Complex & Intelligent Systems ( IF 5.0 ) Pub Date : 2024-11-08 , DOI: 10.1007/s40747-024-01612-y Jing Wang, Wei Liu, Hairun Xie, Miao Zhang
The interaction between the shock wave and boundary layer of transonic wings can trigger periodic self-excited oscillations, resulting in transonic buffet. Buffet severely restricts the flight envelope of civil aircraft and is directly related to their aerodynamic performance and safety. Developing efficient and reliable techniques for buffet onset prediction is crucial for the advancement of civil aircraft. In this study, utilizing a comprehensive database of supercritical airfoils generated through numerical simulations, a convolutional neural network (CNN) model is firstly developed to perform buffet classification based on the flow fields. After that, employing explainable machine learning techniques, including Gradient-weighted Class Activation Mapping (Grad-CAM), random forest algorithms, and statistical analysis, the research investigates the correlations between supervised CNN features and key physical characteristics related with the separation region, shock wave, leading edge suction peak, and post-shock loading.

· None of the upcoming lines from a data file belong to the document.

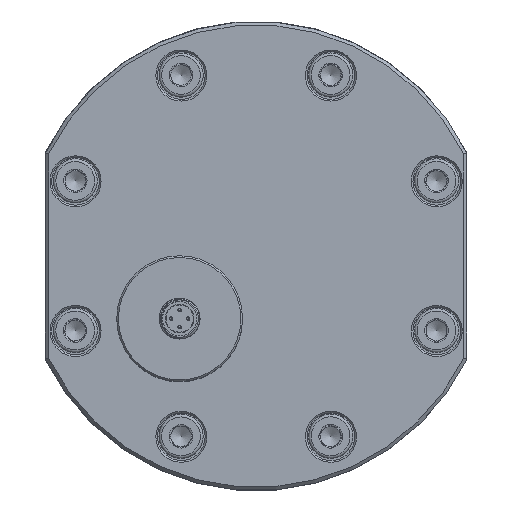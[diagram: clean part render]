
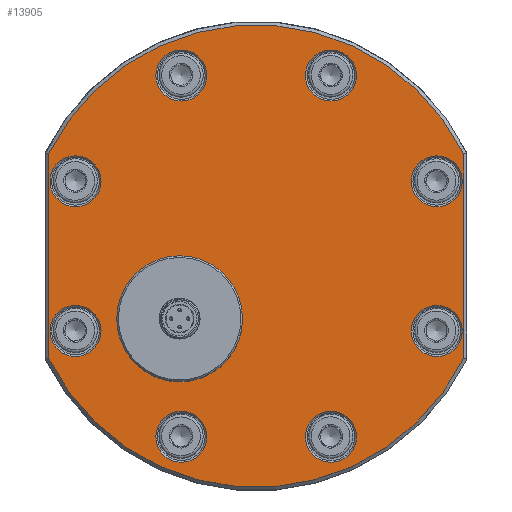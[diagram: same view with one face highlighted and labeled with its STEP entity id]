
A CAD part, top view. The second image highlights one B-rep face of the part: STEP entity #13905.
In plain terms, the highlighted planar face has unit normal (0, 0, 1).
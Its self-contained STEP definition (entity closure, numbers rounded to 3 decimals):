
#489=LINE('',#64058,#5764);
#490=LINE('',#64063,#5765);
#5764=VECTOR('',#48195,1.);
#5765=VECTOR('',#48198,1.);
#13905=ADVANCED_FACE('',(#17956,#17957,#17958,#17959,#17960,#17961,#17962,
#17963,#17964,#17965),#16001,.F.);
#16001=PLANE('',#44542);
#17956=FACE_BOUND('',#18575,.T.);
#17957=FACE_BOUND('',#18576,.T.);
#17958=FACE_BOUND('',#18577,.T.);
#17959=FACE_BOUND('',#18578,.T.);
#17960=FACE_BOUND('',#18579,.T.);
#17961=FACE_BOUND('',#18580,.T.);
#17962=FACE_BOUND('',#18581,.T.);
#17963=FACE_BOUND('',#18582,.T.);
#17964=FACE_BOUND('',#18583,.T.);
#17965=FACE_BOUND('',#18584,.T.);
#18575=EDGE_LOOP('',(#21730,#21731,#21732,#21733));
#18576=EDGE_LOOP('',(#21734));
#18577=EDGE_LOOP('',(#21735));
#18578=EDGE_LOOP('',(#21736));
#18579=EDGE_LOOP('',(#21737));
#18580=EDGE_LOOP('',(#21738));
#18581=EDGE_LOOP('',(#21739));
#18582=EDGE_LOOP('',(#21740));
#18583=EDGE_LOOP('',(#21741));
#18584=EDGE_LOOP('',(#21742));
#21730=ORIENTED_EDGE('',*,*,#37688,.T.);
#21731=ORIENTED_EDGE('',*,*,#37689,.T.);
#21732=ORIENTED_EDGE('',*,*,#37690,.T.);
#21733=ORIENTED_EDGE('',*,*,#37691,.T.);
#21734=ORIENTED_EDGE('',*,*,#37692,.T.);
#21735=ORIENTED_EDGE('',*,*,#37693,.T.);
#21736=ORIENTED_EDGE('',*,*,#37694,.T.);
#21737=ORIENTED_EDGE('',*,*,#37695,.T.);
#21738=ORIENTED_EDGE('',*,*,#37696,.T.);
#21739=ORIENTED_EDGE('',*,*,#37697,.T.);
#21740=ORIENTED_EDGE('',*,*,#37698,.T.);
#21741=ORIENTED_EDGE('',*,*,#37699,.T.);
#21742=ORIENTED_EDGE('',*,*,#37700,.T.);
#33370=VERTEX_POINT('',#64059);
#33371=VERTEX_POINT('',#64060);
#33372=VERTEX_POINT('',#64062);
#33373=VERTEX_POINT('',#64064);
#33374=VERTEX_POINT('',#64067);
#33375=VERTEX_POINT('',#64069);
#33376=VERTEX_POINT('',#64071);
#33377=VERTEX_POINT('',#64073);
#33378=VERTEX_POINT('',#64075);
#33379=VERTEX_POINT('',#64077);
#33380=VERTEX_POINT('',#64079);
#33381=VERTEX_POINT('',#64081);
#33382=VERTEX_POINT('',#64083);
#37688=EDGE_CURVE('',#33370,#33371,#489,.T.);
#37689=EDGE_CURVE('',#33371,#33372,#43575,.T.);
#37690=EDGE_CURVE('',#33372,#33373,#490,.T.);
#37691=EDGE_CURVE('',#33373,#33370,#43576,.T.);
#37692=EDGE_CURVE('',#33374,#33374,#43577,.T.);
#37693=EDGE_CURVE('',#33375,#33375,#43578,.T.);
#37694=EDGE_CURVE('',#33376,#33376,#43579,.T.);
#37695=EDGE_CURVE('',#33377,#33377,#43580,.T.);
#37696=EDGE_CURVE('',#33378,#33378,#43581,.T.);
#37697=EDGE_CURVE('',#33379,#33379,#43582,.T.);
#37698=EDGE_CURVE('',#33380,#33380,#43583,.T.);
#37699=EDGE_CURVE('',#33381,#33381,#43584,.T.);
#37700=EDGE_CURVE('',#33382,#33382,#43585,.T.);
#43575=CIRCLE('',#44531,68.);
#43576=CIRCLE('',#44532,68.);
#43577=CIRCLE('',#44533,7.5);
#43578=CIRCLE('',#44534,7.5);
#43579=CIRCLE('',#44535,7.5);
#43580=CIRCLE('',#44536,7.5);
#43581=CIRCLE('',#44537,7.5);
#43582=CIRCLE('',#44538,7.5);
#43583=CIRCLE('',#44539,7.5);
#43584=CIRCLE('',#44540,7.5);
#43585=CIRCLE('',#44541,5.);
#44531=AXIS2_PLACEMENT_3D('',#64061,#48196,#48197);
#44532=AXIS2_PLACEMENT_3D('',#64065,#48199,#48200);
#44533=AXIS2_PLACEMENT_3D('',#64066,#48201,#48202);
#44534=AXIS2_PLACEMENT_3D('',#64068,#48203,#48204);
#44535=AXIS2_PLACEMENT_3D('',#64070,#48205,#48206);
#44536=AXIS2_PLACEMENT_3D('',#64072,#48207,#48208);
#44537=AXIS2_PLACEMENT_3D('',#64074,#48209,#48210);
#44538=AXIS2_PLACEMENT_3D('',#64076,#48211,#48212);
#44539=AXIS2_PLACEMENT_3D('',#64078,#48213,#48214);
#44540=AXIS2_PLACEMENT_3D('',#64080,#48215,#48216);
#44541=AXIS2_PLACEMENT_3D('',#64082,#48217,#48218);
#44542=AXIS2_PLACEMENT_3D('',#64084,#48219,#48220);
#48195=DIRECTION('',(0.,1.,0.));
#48196=DIRECTION('',(0.,0.,1.));
#48197=DIRECTION('',(0.,1.,0.));
#48198=DIRECTION('',(0.,-1.,0.));
#48199=DIRECTION('',(0.,0.,1.));
#48200=DIRECTION('',(0.,1.,0.));
#48201=DIRECTION('',(0.,0.,-1.));
#48202=DIRECTION('',(0.,1.,0.));
#48203=DIRECTION('',(0.,0.,-1.));
#48204=DIRECTION('',(0.,1.,0.));
#48205=DIRECTION('',(0.,0.,-1.));
#48206=DIRECTION('',(0.,1.,0.));
#48207=DIRECTION('',(0.,0.,-1.));
#48208=DIRECTION('',(0.,1.,0.));
#48209=DIRECTION('',(0.,0.,-1.));
#48210=DIRECTION('',(0.,1.,0.));
#48211=DIRECTION('',(0.,0.,-1.));
#48212=DIRECTION('',(0.,1.,0.));
#48213=DIRECTION('',(0.,0.,-1.));
#48214=DIRECTION('',(0.,1.,0.));
#48215=DIRECTION('',(0.,0.,-1.));
#48216=DIRECTION('',(0.,1.,0.));
#48217=DIRECTION('',(0.,0.,-1.));
#48218=DIRECTION('',(0.,1.,0.));
#48219=DIRECTION('',(0.,0.,-1.));
#48220=DIRECTION('',(0.,-1.,0.));
#64058=CARTESIAN_POINT('',(-55.691,168.86,-17.65));
#64059=CARTESIAN_POINT('',(-55.691,83.31,-17.65));
#64060=CARTESIAN_POINT('',(-55.691,143.41,-17.65));
#64061=CARTESIAN_POINT('',(-116.691,113.36,-17.65));
#64062=CARTESIAN_POINT('',(-177.691,143.41,-17.65));
#64063=CARTESIAN_POINT('',(-177.691,168.86,-17.65));
#64064=CARTESIAN_POINT('',(-177.691,83.31,-17.65));
#64065=CARTESIAN_POINT('',(-116.691,113.36,-17.65));
#64066=CARTESIAN_POINT('',(-138.695,60.237,-17.65));
#64067=CARTESIAN_POINT('',(-138.695,67.737,-17.65));
#64068=CARTESIAN_POINT('',(-169.814,91.356,-17.65));
#64069=CARTESIAN_POINT('',(-169.814,98.856,-17.65));
#64070=CARTESIAN_POINT('',(-169.814,135.364,-17.65));
#64071=CARTESIAN_POINT('',(-169.814,142.864,-17.65));
#64072=CARTESIAN_POINT('',(-138.695,166.483,-17.65));
#64073=CARTESIAN_POINT('',(-138.695,173.983,-17.65));
#64074=CARTESIAN_POINT('',(-94.686,166.483,-17.65));
#64075=CARTESIAN_POINT('',(-94.686,173.983,-17.65));
#64076=CARTESIAN_POINT('',(-63.567,135.364,-17.65));
#64077=CARTESIAN_POINT('',(-63.567,142.864,-17.65));
#64078=CARTESIAN_POINT('',(-63.567,91.356,-17.65));
#64079=CARTESIAN_POINT('',(-63.567,98.856,-17.65));
#64080=CARTESIAN_POINT('',(-94.686,60.237,-17.65));
#64081=CARTESIAN_POINT('',(-94.686,67.737,-17.65));
#64082=CARTESIAN_POINT('',(-139.191,94.86,-17.65));
#64083=CARTESIAN_POINT('',(-139.191,99.86,-17.65));
#64084=CARTESIAN_POINT('',(-64.691,168.86,-17.65));

Finally, physical buffet onset metric is established with good generalization and accuracy, providing valuable guidance for engineering design in civil aircraft.
中文翻译:
推进 buffet onset prediction:一种具有增强可解释性的深度学习方法,适用于空气动力学工程
冲击波与跨音速翼边界层之间的相互作用可以触发周期性的自激振荡,从而导致跨音速冲击。巴菲特严重限制了民用飞机的飞行包线,直接关系到其空气动力学性能和安全性。开发高效可靠的 buffet onset 预测技术对于民用飞机的发展至关重要。在本研究中,利用通过数值模拟生成的超临界翼型的综合数据库,首先开发了一种卷积神经网络 (CNN) 模型,用于执行基于流场的自助餐分类。之后,采用可解释的机器学习技术,包括梯度加权类激活映射 (Grad-CAM)、随机森林算法和统计分析,该研究调查了监督 CNN 特征与与分离区域、冲击波、前缘吸力峰值和冲击后载荷相关的关键物理特性之间的相关性。最后,建立了具有较好泛化性和准确性的物理 buffet 起始度量,为民用飞机的工程设计提供了有价值的指导。